§ **Task item**
Pictures stay out; everything else from the first line of the entries down through the line with "#2275 = ORIENTED_EDGE" gets copied exactly.
******************************
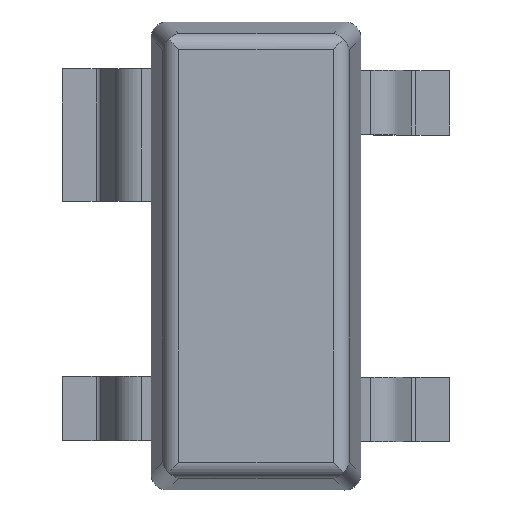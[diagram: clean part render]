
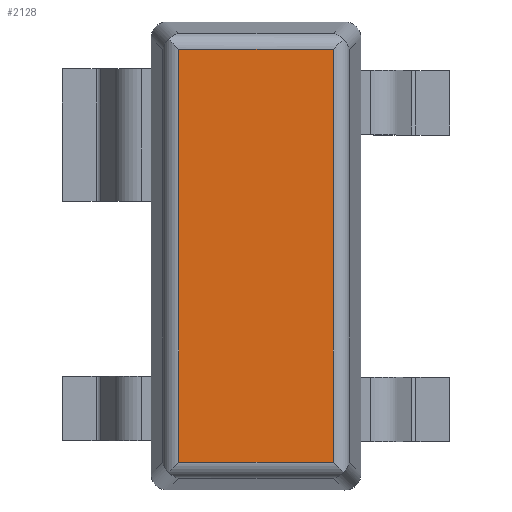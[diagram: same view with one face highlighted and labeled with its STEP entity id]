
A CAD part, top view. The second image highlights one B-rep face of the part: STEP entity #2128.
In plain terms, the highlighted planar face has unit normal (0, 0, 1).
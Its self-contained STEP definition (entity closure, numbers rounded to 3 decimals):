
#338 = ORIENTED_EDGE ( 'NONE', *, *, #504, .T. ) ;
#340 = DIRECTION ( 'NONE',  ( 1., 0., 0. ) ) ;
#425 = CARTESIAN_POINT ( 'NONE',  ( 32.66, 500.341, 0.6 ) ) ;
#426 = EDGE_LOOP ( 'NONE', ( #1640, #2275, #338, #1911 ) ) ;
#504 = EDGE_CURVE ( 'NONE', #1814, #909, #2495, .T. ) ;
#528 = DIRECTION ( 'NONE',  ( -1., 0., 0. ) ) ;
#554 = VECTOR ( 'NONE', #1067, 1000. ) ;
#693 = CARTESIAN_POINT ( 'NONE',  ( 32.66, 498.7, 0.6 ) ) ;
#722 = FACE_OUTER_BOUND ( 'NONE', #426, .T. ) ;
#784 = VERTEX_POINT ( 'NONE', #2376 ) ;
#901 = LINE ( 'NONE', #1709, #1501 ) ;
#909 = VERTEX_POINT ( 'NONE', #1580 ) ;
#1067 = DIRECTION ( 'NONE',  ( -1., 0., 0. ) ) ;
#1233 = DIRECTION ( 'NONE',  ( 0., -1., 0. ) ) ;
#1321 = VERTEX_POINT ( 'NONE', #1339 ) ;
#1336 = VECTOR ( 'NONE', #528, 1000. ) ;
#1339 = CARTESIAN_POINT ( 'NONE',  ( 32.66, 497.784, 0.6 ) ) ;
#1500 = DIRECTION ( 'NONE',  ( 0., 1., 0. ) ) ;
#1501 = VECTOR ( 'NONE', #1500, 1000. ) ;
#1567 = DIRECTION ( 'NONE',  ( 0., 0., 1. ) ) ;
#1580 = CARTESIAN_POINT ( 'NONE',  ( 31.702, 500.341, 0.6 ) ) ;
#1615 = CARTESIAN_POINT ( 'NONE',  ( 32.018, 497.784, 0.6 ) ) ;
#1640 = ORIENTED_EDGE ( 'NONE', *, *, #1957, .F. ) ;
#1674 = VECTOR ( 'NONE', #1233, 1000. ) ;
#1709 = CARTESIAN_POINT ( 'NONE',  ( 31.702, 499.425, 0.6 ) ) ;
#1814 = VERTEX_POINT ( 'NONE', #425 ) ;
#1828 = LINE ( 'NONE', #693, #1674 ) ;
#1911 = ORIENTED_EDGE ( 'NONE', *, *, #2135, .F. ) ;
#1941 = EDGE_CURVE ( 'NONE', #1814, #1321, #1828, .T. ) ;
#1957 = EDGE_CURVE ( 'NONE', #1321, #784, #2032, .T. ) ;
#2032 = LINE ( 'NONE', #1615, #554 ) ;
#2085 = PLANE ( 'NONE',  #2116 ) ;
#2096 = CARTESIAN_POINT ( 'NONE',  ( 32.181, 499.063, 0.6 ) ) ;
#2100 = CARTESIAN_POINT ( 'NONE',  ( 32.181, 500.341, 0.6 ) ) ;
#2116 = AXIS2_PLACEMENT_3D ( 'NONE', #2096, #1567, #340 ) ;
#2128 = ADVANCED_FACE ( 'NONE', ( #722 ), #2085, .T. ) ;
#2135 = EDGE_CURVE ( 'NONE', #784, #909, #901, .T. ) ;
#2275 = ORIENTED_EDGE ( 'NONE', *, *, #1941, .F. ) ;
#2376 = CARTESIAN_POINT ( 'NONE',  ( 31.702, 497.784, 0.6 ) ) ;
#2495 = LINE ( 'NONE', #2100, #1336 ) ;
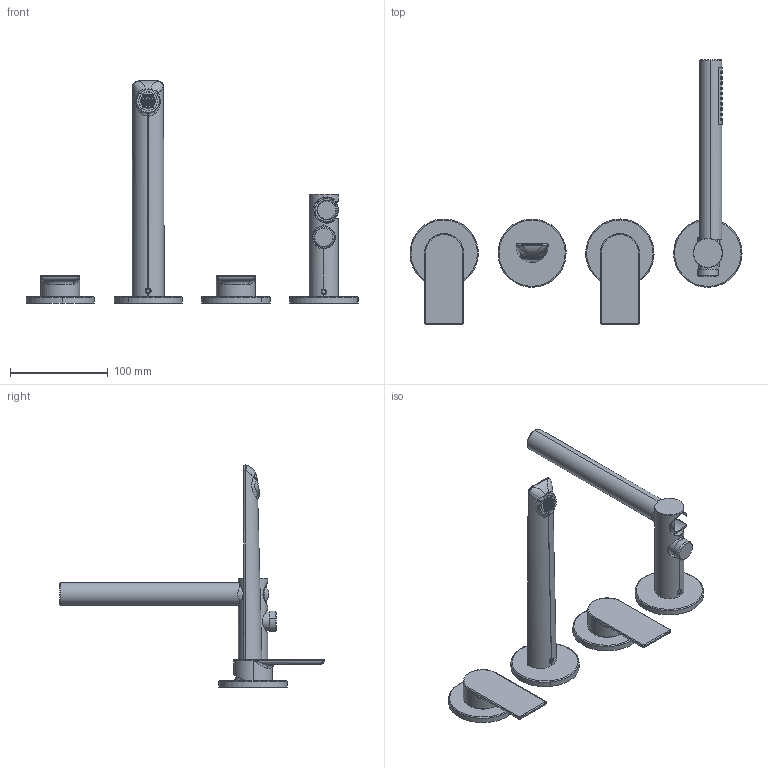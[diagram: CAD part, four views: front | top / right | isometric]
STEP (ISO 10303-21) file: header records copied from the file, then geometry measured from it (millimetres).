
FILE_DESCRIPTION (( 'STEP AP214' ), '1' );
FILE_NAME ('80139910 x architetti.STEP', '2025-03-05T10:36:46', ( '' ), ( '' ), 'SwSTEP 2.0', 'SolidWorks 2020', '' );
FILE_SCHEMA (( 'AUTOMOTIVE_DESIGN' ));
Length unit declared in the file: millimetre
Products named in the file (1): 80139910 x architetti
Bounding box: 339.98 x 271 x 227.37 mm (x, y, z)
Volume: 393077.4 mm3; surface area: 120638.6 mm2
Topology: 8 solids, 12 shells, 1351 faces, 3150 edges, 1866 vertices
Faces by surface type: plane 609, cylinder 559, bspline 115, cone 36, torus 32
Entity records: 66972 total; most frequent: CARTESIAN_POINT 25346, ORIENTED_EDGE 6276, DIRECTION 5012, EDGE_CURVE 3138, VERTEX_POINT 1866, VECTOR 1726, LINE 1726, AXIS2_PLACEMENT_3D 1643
******************************
§ **Answer to this task**
[diagram: clean part render]
[diagram: same view with one face highlighted and labeled with its STEP entity id]
A CAD part, top view. The second image highlights one B-rep face of the part: STEP entity #2128.
In plain terms, the highlighted planar face has unit normal (0, 0, 1).
Its self-contained STEP definition (entity closure, numbers rounded to 3 decimals):
#338 = ORIENTED_EDGE ( 'NONE', *, *, #504, .T. ) ;
#340 = DIRECTION ( 'NONE',  ( 1., 0., 0. ) ) ;
#425 = CARTESIAN_POINT ( 'NONE',  ( 32.66, 500.341, 0.6 ) ) ;
#426 = EDGE_LOOP ( 'NONE', ( #1640, #2275, #338, #1911 ) ) ;
#504 = EDGE_CURVE ( 'NONE', #1814, #909, #2495, .T. ) ;
#528 = DIRECTION ( 'NONE',  ( -1., 0., 0. ) ) ;
#554 = VECTOR ( 'NONE', #1067, 1000. ) ;
#693 = CARTESIAN_POINT ( 'NONE',  ( 32.66, 498.7, 0.6 ) ) ;
#722 = FACE_OUTER_BOUND ( 'NONE', #426, .T. ) ;
#784 = VERTEX_POINT ( 'NONE', #2376 ) ;
#901 = LINE ( 'NONE', #1709, #1501 ) ;
#909 = VERTEX_POINT ( 'NONE', #1580 ) ;
#1067 = DIRECTION ( 'NONE',  ( -1., 0., 0. ) ) ;
#1233 = DIRECTION ( 'NONE',  ( 0., -1., 0. ) ) ;
#1321 = VERTEX_POINT ( 'NONE', #1339 ) ;
#1336 = VECTOR ( 'NONE', #528, 1000. ) ;
#1339 = CARTESIAN_POINT ( 'NONE',  ( 32.66, 497.784, 0.6 ) ) ;
#1500 = DIRECTION ( 'NONE',  ( 0., 1., 0. ) ) ;
#1501 = VECTOR ( 'NONE', #1500, 1000. ) ;
#1567 = DIRECTION ( 'NONE',  ( 0., 0., 1. ) ) ;
#1580 = CARTESIAN_POINT ( 'NONE',  ( 31.702, 500.341, 0.6 ) ) ;
#1615 = CARTESIAN_POINT ( 'NONE',  ( 32.018, 497.784, 0.6 ) ) ;
#1640 = ORIENTED_EDGE ( 'NONE', *, *, #1957, .F. ) ;
#1674 = VECTOR ( 'NONE', #1233, 1000. ) ;
#1709 = CARTESIAN_POINT ( 'NONE',  ( 31.702, 499.425, 0.6 ) ) ;
#1814 = VERTEX_POINT ( 'NONE', #425 ) ;
#1828 = LINE ( 'NONE', #693, #1674 ) ;
#1911 = ORIENTED_EDGE ( 'NONE', *, *, #2135, .F. ) ;
#1941 = EDGE_CURVE ( 'NONE', #1814, #1321, #1828, .T. ) ;
#1957 = EDGE_CURVE ( 'NONE', #1321, #784, #2032, .T. ) ;
#2032 = LINE ( 'NONE', #1615, #554 ) ;
#2085 = PLANE ( 'NONE',  #2116 ) ;
#2096 = CARTESIAN_POINT ( 'NONE',  ( 32.181, 499.063, 0.6 ) ) ;
#2100 = CARTESIAN_POINT ( 'NONE',  ( 32.181, 500.341, 0.6 ) ) ;
#2116 = AXIS2_PLACEMENT_3D ( 'NONE', #2096, #1567, #340 ) ;
#2128 = ADVANCED_FACE ( 'NONE', ( #722 ), #2085, .T. ) ;
#2135 = EDGE_CURVE ( 'NONE', #784, #909, #901, .T. ) ;
#2275 = ORIENTED_EDGE ( 'NONE', *, *, #1941, .F. ) ;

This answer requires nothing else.